Provided data Block Start
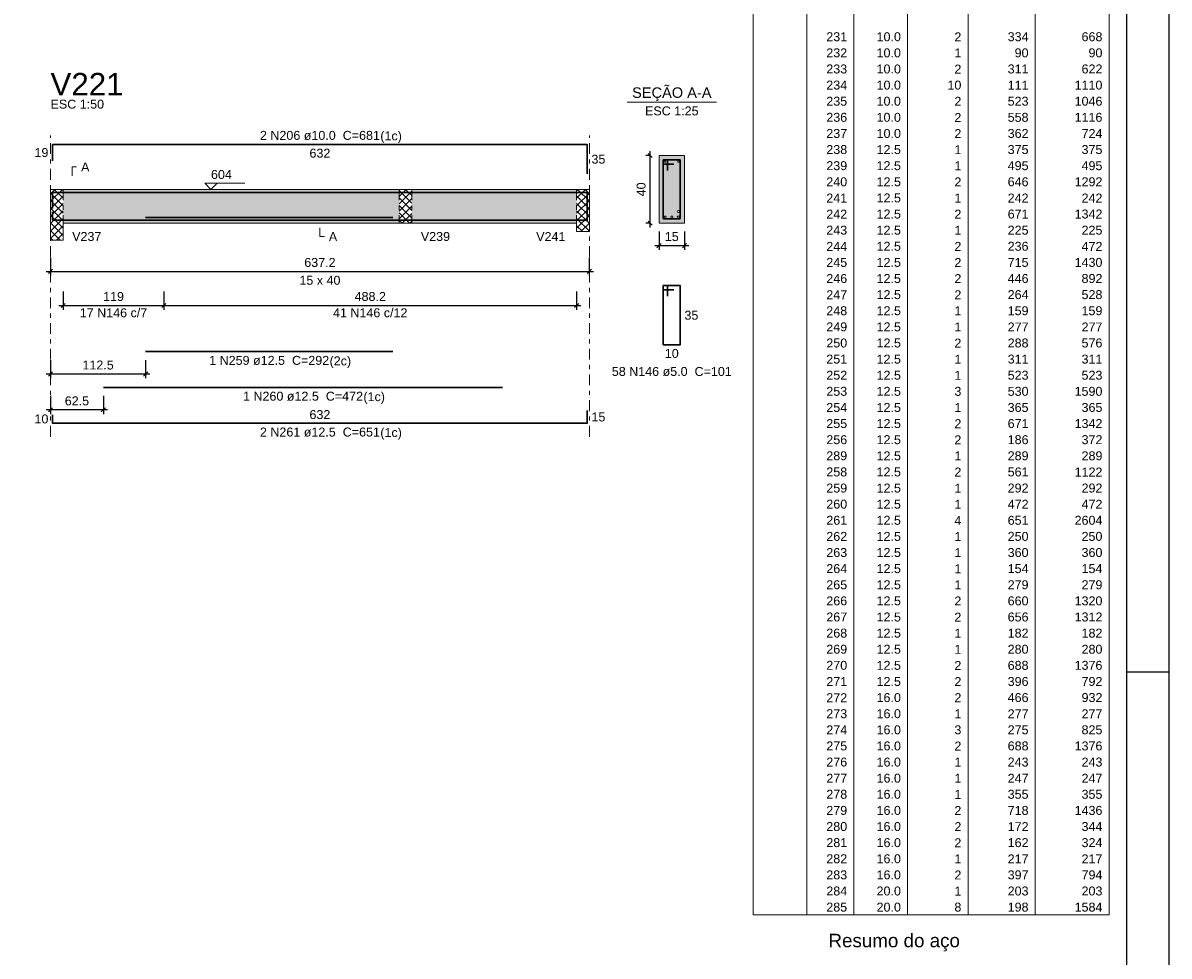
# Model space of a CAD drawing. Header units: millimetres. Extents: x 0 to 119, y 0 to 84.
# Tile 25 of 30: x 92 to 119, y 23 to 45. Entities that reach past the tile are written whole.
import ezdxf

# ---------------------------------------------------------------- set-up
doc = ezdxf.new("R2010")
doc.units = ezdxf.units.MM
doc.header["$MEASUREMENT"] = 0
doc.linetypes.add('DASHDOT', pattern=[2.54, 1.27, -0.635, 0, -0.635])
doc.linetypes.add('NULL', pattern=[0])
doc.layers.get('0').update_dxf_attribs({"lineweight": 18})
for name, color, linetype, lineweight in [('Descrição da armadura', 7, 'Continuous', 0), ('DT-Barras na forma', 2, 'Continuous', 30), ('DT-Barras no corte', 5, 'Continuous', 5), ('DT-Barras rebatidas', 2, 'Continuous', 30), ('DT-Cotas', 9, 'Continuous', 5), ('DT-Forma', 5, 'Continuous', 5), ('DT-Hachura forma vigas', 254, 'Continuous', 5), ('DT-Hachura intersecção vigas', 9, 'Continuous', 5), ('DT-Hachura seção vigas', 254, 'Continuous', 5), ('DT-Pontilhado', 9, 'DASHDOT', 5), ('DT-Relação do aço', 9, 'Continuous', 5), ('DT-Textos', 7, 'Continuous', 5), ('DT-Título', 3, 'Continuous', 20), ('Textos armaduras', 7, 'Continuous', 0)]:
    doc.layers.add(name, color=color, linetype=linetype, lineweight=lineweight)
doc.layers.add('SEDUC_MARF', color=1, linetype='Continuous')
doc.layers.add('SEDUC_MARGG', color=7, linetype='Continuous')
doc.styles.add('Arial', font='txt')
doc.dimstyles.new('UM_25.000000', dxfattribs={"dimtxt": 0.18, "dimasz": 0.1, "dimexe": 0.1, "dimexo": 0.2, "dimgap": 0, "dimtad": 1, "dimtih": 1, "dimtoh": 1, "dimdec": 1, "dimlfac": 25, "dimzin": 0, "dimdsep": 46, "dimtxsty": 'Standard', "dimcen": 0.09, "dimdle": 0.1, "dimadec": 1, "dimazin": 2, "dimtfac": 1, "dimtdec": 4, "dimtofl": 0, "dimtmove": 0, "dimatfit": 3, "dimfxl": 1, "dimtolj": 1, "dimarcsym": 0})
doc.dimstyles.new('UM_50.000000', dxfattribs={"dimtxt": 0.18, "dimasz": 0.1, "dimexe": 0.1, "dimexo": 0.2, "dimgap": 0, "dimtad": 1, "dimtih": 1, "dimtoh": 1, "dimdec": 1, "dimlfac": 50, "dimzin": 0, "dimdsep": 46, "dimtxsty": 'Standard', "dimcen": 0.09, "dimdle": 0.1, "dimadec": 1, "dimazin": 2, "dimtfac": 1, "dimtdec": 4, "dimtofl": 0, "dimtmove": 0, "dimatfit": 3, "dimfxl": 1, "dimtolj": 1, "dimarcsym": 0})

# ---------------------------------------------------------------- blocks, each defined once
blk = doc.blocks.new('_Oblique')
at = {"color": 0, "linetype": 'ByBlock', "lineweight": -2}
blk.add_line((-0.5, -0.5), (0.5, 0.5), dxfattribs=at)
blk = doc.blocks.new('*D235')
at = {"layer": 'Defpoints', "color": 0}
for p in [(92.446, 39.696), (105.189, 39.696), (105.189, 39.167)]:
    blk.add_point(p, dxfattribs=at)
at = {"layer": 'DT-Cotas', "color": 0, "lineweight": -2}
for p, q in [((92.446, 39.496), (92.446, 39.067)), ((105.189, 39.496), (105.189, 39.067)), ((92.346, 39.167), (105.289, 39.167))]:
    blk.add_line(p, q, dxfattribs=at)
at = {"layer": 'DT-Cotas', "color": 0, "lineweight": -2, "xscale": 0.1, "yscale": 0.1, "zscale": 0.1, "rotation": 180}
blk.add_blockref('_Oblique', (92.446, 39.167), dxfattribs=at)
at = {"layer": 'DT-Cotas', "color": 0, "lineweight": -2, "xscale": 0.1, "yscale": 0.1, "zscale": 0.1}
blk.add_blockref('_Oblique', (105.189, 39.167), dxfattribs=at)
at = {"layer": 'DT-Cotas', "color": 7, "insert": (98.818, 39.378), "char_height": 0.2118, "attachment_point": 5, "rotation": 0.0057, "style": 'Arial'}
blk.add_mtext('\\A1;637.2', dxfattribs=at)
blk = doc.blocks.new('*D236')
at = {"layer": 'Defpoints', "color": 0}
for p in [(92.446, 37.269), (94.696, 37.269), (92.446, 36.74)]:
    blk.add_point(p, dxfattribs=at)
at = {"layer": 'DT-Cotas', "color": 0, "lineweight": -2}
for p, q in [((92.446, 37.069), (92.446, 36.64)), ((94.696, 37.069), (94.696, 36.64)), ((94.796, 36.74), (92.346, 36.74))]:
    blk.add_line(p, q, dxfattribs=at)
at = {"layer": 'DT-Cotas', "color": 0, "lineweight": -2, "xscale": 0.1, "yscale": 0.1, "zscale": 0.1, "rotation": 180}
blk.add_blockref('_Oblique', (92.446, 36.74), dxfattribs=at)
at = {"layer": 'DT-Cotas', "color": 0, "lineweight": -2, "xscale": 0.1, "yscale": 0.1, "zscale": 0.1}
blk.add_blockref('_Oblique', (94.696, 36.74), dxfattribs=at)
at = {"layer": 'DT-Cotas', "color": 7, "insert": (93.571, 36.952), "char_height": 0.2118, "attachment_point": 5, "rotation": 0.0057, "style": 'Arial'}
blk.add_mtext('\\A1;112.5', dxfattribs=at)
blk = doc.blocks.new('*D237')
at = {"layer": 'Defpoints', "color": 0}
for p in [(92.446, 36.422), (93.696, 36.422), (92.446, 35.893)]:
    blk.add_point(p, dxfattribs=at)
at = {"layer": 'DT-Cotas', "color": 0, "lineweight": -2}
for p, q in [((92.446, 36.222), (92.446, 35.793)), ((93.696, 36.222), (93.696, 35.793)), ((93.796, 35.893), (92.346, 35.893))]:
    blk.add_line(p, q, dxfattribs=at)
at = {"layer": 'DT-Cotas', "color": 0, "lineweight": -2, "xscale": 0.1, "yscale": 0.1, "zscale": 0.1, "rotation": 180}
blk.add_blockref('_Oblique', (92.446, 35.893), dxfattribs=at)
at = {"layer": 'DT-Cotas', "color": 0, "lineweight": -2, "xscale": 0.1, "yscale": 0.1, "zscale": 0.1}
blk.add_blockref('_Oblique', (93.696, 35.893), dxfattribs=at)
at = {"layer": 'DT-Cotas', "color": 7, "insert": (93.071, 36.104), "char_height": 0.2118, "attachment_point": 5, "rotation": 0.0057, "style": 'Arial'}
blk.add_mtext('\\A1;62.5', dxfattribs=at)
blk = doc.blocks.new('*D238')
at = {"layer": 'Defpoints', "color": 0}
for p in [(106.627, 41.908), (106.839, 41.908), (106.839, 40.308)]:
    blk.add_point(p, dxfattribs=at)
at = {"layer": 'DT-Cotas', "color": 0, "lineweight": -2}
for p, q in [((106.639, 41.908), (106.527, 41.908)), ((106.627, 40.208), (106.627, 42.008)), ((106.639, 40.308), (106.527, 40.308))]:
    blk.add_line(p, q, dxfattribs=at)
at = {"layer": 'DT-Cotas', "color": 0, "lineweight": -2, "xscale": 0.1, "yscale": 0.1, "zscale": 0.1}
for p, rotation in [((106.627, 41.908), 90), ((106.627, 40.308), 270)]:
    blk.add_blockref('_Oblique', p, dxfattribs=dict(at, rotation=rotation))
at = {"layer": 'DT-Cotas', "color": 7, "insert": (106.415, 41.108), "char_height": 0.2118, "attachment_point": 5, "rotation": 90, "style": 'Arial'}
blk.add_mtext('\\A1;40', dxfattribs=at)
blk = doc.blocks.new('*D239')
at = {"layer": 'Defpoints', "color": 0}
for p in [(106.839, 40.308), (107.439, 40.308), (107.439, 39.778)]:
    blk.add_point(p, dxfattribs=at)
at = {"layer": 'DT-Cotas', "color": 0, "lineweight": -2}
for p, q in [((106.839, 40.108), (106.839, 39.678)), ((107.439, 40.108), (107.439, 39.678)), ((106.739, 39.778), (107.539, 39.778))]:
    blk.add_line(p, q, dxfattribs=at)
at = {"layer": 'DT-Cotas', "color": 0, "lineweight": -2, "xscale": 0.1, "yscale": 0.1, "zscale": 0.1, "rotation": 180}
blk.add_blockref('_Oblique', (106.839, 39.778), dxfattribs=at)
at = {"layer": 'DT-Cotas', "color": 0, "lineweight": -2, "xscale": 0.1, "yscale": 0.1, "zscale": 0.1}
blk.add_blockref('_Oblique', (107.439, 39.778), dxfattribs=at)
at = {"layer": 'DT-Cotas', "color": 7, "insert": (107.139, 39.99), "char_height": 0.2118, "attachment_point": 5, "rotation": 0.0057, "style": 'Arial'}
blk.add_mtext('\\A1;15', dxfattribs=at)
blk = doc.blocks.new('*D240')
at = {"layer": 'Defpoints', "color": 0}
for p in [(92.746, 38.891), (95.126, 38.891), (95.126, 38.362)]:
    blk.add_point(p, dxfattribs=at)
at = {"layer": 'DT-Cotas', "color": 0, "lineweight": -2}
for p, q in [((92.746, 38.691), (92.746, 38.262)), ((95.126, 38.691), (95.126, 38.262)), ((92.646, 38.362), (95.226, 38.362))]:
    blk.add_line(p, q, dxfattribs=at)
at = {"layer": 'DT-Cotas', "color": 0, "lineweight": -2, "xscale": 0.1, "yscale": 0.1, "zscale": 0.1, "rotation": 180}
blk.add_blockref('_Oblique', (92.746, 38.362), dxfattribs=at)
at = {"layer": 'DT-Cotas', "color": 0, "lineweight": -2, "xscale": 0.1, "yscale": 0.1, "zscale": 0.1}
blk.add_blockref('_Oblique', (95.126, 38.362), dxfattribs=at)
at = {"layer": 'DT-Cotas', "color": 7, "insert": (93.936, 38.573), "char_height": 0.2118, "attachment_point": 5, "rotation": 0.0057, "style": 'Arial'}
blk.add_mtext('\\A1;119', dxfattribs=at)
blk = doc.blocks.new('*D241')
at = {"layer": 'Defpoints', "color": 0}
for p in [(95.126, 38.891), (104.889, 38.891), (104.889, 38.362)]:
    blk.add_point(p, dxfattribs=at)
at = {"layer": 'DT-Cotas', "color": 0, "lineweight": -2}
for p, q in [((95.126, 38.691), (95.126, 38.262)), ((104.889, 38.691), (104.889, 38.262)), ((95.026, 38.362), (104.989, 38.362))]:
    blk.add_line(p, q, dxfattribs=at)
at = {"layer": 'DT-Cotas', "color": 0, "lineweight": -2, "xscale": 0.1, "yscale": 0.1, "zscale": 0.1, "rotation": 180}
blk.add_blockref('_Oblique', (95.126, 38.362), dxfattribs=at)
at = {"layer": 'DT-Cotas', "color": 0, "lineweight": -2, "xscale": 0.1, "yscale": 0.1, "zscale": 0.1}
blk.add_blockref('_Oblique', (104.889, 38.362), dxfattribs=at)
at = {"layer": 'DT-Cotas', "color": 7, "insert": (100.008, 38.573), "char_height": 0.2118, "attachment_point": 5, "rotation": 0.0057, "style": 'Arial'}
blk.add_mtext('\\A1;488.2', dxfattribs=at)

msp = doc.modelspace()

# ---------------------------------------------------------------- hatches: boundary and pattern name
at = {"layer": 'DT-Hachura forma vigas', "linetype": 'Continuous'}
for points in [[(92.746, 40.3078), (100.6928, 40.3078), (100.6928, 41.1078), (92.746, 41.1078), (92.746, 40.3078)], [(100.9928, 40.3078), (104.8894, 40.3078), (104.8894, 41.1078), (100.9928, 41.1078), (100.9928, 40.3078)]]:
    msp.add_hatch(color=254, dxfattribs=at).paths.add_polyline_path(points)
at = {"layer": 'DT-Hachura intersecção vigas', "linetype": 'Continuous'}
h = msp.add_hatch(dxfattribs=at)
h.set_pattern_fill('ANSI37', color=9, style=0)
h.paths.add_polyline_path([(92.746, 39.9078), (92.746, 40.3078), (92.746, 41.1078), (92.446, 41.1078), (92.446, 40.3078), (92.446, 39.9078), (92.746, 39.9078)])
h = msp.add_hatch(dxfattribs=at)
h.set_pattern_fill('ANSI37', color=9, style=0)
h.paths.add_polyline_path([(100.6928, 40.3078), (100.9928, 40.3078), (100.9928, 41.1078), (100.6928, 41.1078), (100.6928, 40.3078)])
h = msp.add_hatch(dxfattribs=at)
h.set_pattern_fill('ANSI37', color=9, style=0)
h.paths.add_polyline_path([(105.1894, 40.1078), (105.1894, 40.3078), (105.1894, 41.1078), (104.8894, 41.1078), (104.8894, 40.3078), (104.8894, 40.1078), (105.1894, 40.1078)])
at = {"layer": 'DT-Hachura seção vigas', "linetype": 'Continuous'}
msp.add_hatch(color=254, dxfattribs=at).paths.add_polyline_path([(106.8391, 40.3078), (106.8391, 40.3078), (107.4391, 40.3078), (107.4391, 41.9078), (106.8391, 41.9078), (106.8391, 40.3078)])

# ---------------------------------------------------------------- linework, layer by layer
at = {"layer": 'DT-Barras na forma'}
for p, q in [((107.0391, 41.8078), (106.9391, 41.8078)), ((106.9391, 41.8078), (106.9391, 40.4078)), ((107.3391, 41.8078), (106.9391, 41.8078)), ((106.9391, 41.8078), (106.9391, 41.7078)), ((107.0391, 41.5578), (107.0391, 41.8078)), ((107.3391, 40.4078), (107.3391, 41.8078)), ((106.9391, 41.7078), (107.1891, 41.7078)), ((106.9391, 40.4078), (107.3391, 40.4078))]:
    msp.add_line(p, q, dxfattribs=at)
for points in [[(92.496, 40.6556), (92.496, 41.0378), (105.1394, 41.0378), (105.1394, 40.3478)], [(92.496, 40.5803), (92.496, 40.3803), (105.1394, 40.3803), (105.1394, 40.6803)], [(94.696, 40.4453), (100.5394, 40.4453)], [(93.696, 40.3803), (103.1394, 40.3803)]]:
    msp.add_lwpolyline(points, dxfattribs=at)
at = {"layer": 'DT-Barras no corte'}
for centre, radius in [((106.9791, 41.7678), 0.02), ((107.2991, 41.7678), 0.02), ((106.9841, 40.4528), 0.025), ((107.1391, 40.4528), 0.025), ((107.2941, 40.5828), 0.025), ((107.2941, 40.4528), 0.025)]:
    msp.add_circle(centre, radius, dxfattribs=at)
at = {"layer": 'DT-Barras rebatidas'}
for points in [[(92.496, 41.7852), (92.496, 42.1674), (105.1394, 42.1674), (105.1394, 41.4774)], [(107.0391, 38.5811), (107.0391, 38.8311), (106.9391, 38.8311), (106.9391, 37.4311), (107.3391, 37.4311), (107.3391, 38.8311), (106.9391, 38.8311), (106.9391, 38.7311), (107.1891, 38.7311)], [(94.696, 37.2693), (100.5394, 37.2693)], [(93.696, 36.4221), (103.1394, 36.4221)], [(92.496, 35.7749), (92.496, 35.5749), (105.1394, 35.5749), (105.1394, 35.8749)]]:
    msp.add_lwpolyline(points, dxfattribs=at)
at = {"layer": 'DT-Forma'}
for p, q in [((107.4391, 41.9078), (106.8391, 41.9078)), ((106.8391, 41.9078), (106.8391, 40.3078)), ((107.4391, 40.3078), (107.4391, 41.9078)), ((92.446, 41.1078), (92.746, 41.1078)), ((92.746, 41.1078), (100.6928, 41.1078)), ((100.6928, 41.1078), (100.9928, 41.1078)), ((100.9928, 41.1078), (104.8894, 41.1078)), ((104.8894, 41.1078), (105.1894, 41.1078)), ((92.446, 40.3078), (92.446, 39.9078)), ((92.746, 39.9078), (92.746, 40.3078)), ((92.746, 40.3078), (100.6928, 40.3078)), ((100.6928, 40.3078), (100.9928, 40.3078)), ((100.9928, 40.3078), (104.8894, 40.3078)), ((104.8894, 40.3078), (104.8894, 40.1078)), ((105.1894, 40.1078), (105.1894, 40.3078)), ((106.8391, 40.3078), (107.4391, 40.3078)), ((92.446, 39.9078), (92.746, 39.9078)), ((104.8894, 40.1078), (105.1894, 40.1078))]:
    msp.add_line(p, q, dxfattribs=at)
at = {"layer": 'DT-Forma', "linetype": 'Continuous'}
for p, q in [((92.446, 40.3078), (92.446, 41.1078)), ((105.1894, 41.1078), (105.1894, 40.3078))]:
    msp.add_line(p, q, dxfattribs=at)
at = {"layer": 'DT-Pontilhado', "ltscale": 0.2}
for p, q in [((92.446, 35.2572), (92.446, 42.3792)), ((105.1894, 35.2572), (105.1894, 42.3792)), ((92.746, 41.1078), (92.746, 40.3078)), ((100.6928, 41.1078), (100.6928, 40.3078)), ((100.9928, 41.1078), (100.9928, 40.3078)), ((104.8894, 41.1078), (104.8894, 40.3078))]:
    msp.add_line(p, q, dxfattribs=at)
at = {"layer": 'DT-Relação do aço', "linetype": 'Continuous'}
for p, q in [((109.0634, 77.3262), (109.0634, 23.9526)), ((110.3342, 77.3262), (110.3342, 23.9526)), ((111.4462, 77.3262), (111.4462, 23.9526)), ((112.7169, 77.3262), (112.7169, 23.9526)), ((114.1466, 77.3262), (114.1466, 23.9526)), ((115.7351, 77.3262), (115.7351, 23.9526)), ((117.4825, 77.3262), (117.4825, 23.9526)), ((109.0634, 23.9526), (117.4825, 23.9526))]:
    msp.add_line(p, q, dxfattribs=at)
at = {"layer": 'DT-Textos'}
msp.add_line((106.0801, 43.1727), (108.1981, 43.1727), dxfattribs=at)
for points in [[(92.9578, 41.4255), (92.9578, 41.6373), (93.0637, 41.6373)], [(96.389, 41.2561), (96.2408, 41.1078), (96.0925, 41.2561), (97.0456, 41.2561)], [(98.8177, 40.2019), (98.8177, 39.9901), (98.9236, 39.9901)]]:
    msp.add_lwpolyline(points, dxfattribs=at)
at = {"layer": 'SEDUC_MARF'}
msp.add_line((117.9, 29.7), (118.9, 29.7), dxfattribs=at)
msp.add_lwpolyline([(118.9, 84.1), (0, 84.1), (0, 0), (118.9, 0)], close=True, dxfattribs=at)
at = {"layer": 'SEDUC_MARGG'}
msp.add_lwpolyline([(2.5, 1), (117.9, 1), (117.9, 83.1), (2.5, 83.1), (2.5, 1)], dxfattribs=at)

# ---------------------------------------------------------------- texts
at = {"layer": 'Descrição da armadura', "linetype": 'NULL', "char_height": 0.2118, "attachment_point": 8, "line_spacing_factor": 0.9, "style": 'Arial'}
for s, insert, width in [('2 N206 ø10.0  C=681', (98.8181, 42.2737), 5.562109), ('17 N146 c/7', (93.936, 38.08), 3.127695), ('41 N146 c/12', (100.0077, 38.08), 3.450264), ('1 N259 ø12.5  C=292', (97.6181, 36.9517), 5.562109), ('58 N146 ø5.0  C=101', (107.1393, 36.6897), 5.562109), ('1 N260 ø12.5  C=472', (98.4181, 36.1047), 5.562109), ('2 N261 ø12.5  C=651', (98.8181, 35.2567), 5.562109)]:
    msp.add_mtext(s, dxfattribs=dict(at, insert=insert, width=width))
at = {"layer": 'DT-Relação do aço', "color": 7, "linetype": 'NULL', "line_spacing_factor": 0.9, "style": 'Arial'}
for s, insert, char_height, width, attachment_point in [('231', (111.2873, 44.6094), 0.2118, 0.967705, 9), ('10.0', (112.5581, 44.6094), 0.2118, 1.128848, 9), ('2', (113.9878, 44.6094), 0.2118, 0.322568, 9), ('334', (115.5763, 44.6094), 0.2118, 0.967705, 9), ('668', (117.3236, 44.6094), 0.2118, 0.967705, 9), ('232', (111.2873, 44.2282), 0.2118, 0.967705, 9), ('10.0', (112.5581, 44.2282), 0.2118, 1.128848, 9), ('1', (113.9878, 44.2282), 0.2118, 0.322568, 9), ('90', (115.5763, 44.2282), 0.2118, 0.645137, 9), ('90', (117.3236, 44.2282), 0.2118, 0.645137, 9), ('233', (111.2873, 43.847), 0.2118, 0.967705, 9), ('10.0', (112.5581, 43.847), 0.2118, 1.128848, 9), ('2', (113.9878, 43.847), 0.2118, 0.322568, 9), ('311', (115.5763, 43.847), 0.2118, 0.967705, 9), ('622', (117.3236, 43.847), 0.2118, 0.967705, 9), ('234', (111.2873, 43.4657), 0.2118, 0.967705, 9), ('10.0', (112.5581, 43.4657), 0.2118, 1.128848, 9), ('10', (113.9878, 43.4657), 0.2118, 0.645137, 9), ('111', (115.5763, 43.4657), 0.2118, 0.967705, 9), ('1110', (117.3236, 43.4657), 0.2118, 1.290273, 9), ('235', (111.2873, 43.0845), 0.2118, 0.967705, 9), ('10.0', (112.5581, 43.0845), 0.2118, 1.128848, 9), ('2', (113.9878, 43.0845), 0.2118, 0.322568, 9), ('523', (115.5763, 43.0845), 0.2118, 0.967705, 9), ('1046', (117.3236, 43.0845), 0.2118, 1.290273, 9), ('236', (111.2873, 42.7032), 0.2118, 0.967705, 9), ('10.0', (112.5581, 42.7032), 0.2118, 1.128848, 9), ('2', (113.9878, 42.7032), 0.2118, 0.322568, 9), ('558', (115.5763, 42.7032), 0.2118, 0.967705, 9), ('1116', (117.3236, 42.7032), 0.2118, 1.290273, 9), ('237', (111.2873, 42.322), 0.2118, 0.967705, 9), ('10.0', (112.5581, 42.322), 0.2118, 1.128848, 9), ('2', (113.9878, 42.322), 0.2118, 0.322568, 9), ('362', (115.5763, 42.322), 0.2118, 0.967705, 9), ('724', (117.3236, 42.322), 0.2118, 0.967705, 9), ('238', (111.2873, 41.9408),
Provided data Block End
Task instructions = Wherever the string "centre" occurs in the entries, copy that whole line.

Result of this exercise =
for centre, radius in [((106.9791, 41.7678), 0.02), ((107.2991, 41.7678), 0.02), ((106.9841, 40.4528), 0.025), ((107.1391, 40.4528), 0.025), ((107.2941, 40.5828), 0.025), ((107.2941, 40.4528), 0.025)]:
    msp.add_circle(centre, radius, dxfattribs=at)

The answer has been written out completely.